那么并不在故事上十分出彩的这本书,究竟是依靠了什么紧紧抓住了读者的心?
我以为是那燕子飞翔的大地之美。沈书枝以其独特细腻的观察力架构了燕子翱翔的世界。这便是1980年代至2000年初安徽南陵县峨岭镇一带独特的人文地域环境。
乡愁不仅仅是故土家园,还有远去的时间,分离的过去的人。沈书枝描绘的那方大地就像那个即将发生时代巨变的前夜。因而对于经历了相似的时代洪流的同代人,这本书既是知音,也是发现自我的契机。

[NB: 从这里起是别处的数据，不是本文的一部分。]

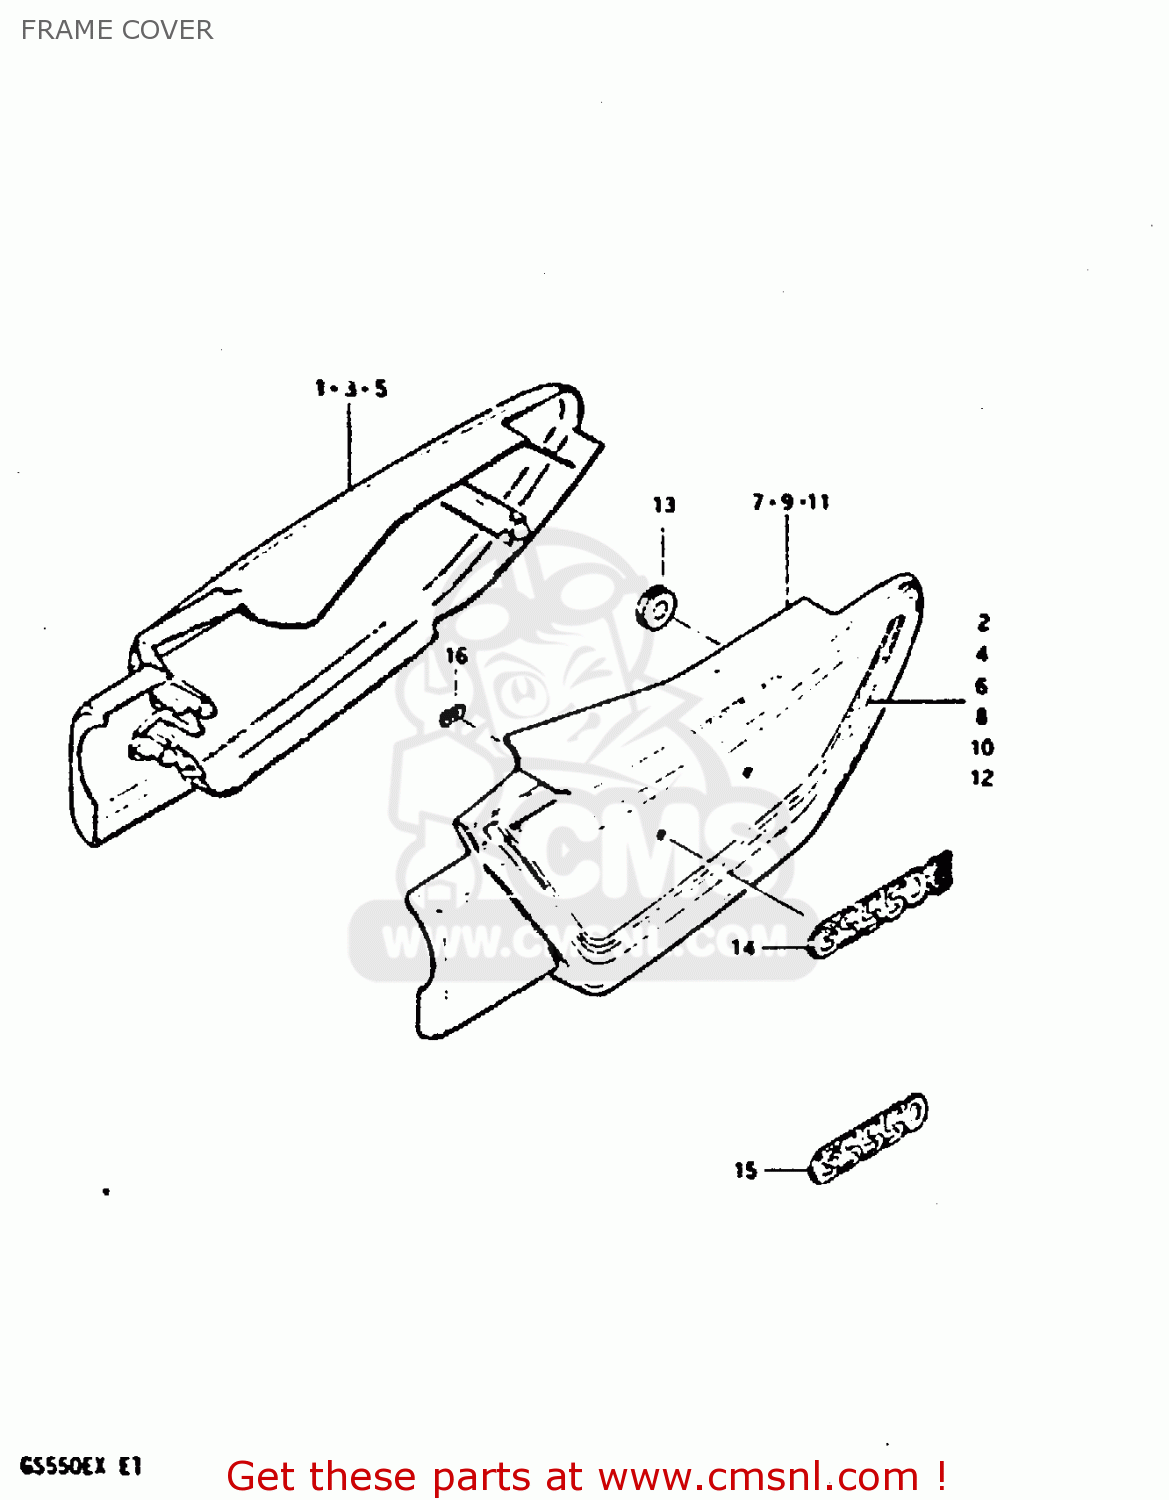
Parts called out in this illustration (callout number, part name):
1	COVER,FRAME,RIGHT
2	TAPE, RH
3	COVER, FRAME RH (RED)
4	TAPE, RH
5	COVER, FRAME RH (BLUE)
6	TAPE, RH
7	COVER,FRAME,LEFT
8	TAPE, LH
9	COVER, FRAME LH (RED)
10	TAPE, LH
11	COVER, FRAME LH (BLUE)
12	TAPE, LH
13	CUSHION
14	EMBLEM
15	EMBLEM
16	NUT

不知是有意安排还是无意为之,打开本书的序,开头即是山中雨雾。一辆小汽车载着有鹿行驶在通往她们曾经飞翔过的大地的路上。好像那汽车啊,既穿破了雨幕,也穿破了时间。
“毛竹林的群山在车窗外一闪而过,山顶上雾气弥漫。超车的小汽车一辆接着一辆,车轮下溅起薄薄的水幕。雨滴打在客车窗玻璃上,电力塔依次消失在青灰色的树丛后,只有浅色乌云气定神闲,睡觉一般蓬松地瘫在天空上。雨幕里的公路似乎永远也看不到尽头。”

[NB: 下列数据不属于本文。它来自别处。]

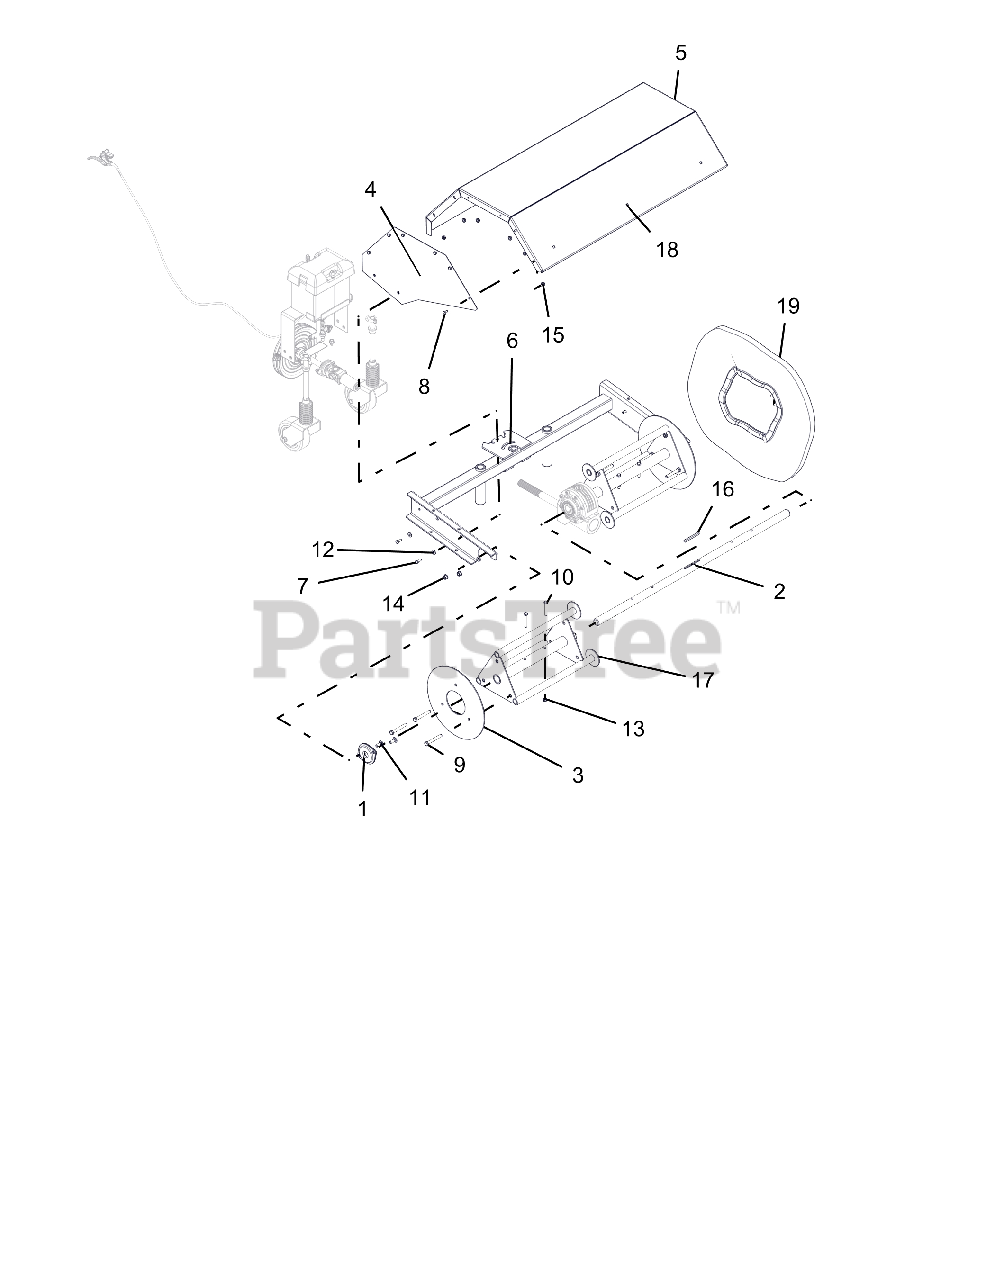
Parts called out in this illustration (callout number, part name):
1	BEARING, 2 BOLT FLANGE 1-1/8 ID
2	SHAFT, CENTER
3	PLATE, END - RETAINER
4	WLDMT, SIDE COVER RH
5	WLDMT, SIDE COVER LH
6	FRAME, POWER BROOM 36"
7	BLT-HEX .25-20X.75 GR5 YWZC
8	BLT-HEX .25-20X.50 GR5 YWZC
9	BLT-HEX .38-16X3.00 GR5 FTH YWZC
10	BLT-HEX .31-18X2.25 GR5 YWZC
11	BLT-RDHDSQNK .38-16X1.00 G5 YWZC
12	WSHR-FL-STL.312X.734X.065 YWZ
13	NUT-LK-CTR .31-18 YWZC
14	NUT, LK-TOP-FLG .38-16 YWZC
15	NUT, LK-TOP-FLG .25-20 YWZC
16	KEY-SQ .250X.250X3.00
17	BRUSH, DRIVE CORE - SERVICE KIT
18	COVER, TOP - 36" BRUSH W/DECALS
19	BRISTLE REPLACEMENT - SET OF 18

无尽的绵延的山峦和田野,无尽的通往外部世界的公路,故乡的雨和雾,月亮和星星,天空和云层,稻田和水塘,间插在故事里,成为书的基调。
沈书枝写它们时虽是在为故事铺垫环境,却好像有要停留在彼时的时空里的眷恋感。这种迟缓,恋恋不舍很好的传达给了读者。
她写收割完稻田的黄昏的天空是这样的:“夕阳颜色一点一点消散,渐渐寂静的青蓝洇上来。”好像,身边真有夕阳渐渐落下山头,天空渐渐泛蓝起来的景象。

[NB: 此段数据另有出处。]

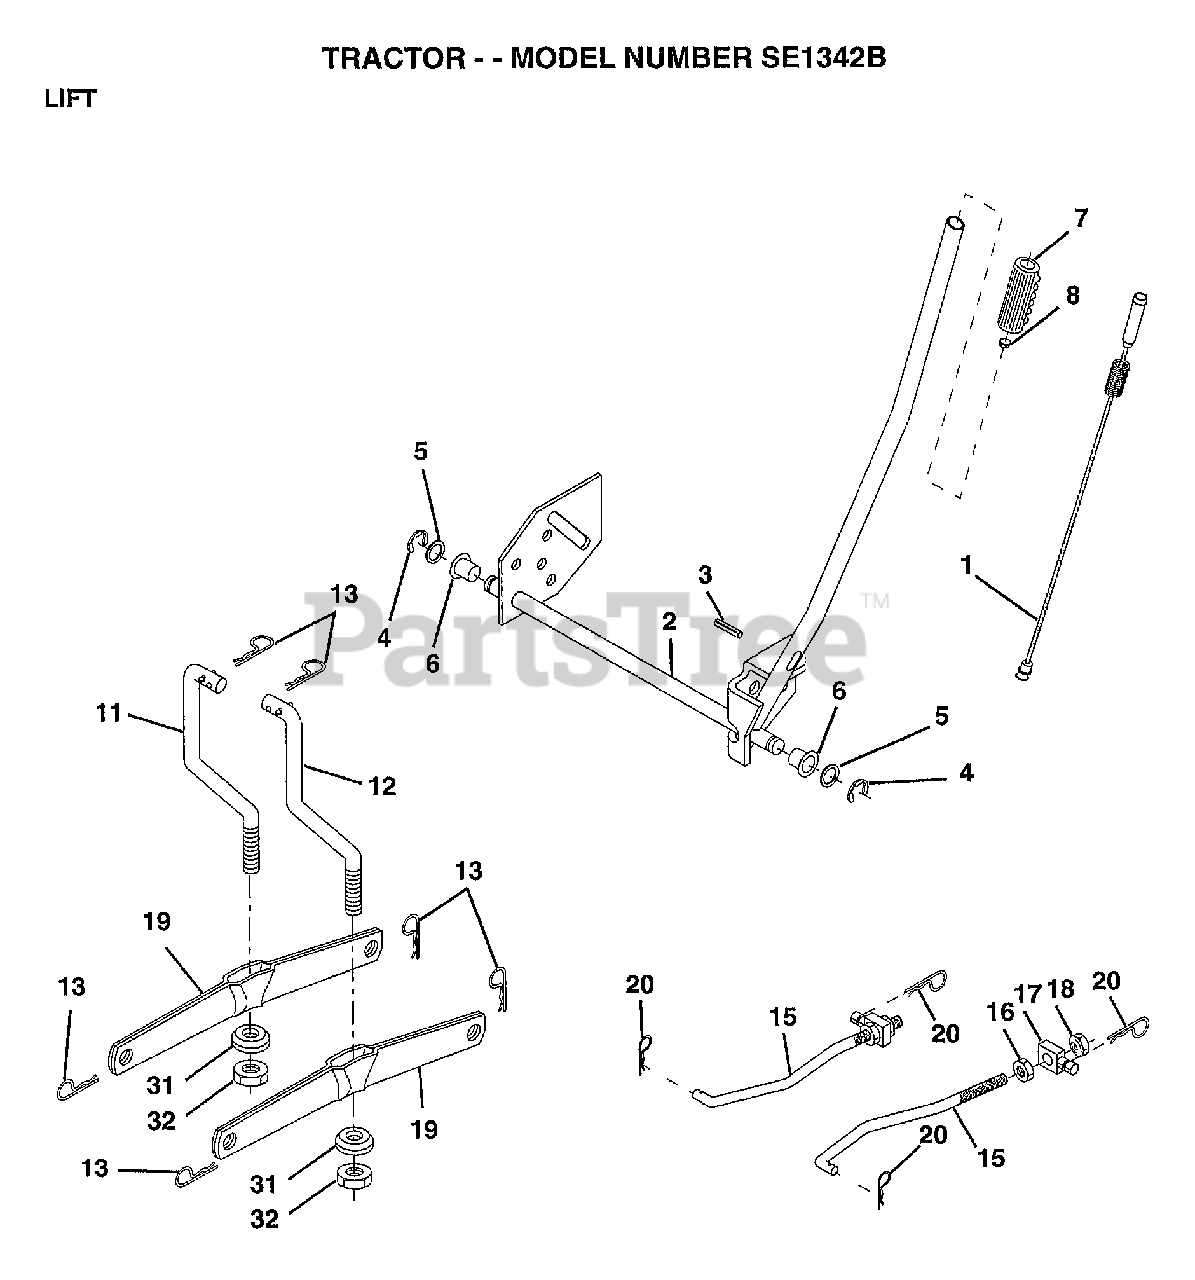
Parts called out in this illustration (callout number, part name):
1	WIRE ASM W.SPRING
2	"SHAFT ASM LIFT,RH"
3	PIN-GROOVE LT
5	WASHER
6	NYLON BEARING
7	GRIP
15	LINK.FRONT
16	NUT
17	TRUNION
18	NUT.LK.W/WSH.1/2.
19	ARM SUSP REAR
20	RETAINER.SPRING
31	BEARING PVT LH
32	NUT.CROWNLOCK.3/8

她写去追了无踪影的二姐三姐时的田野和村路是这样的:“坡下一块一块青绿稻田,中间一条笔直的黄土路,清早水雾凝聚,稍微远一点的地方,稻田和土路就已经消失在白芒茫的雾气中。”我看到湿漉漉的皖南山村,正要从纸上跳出来。像杜甫的一句诗“重雾成涓滴”。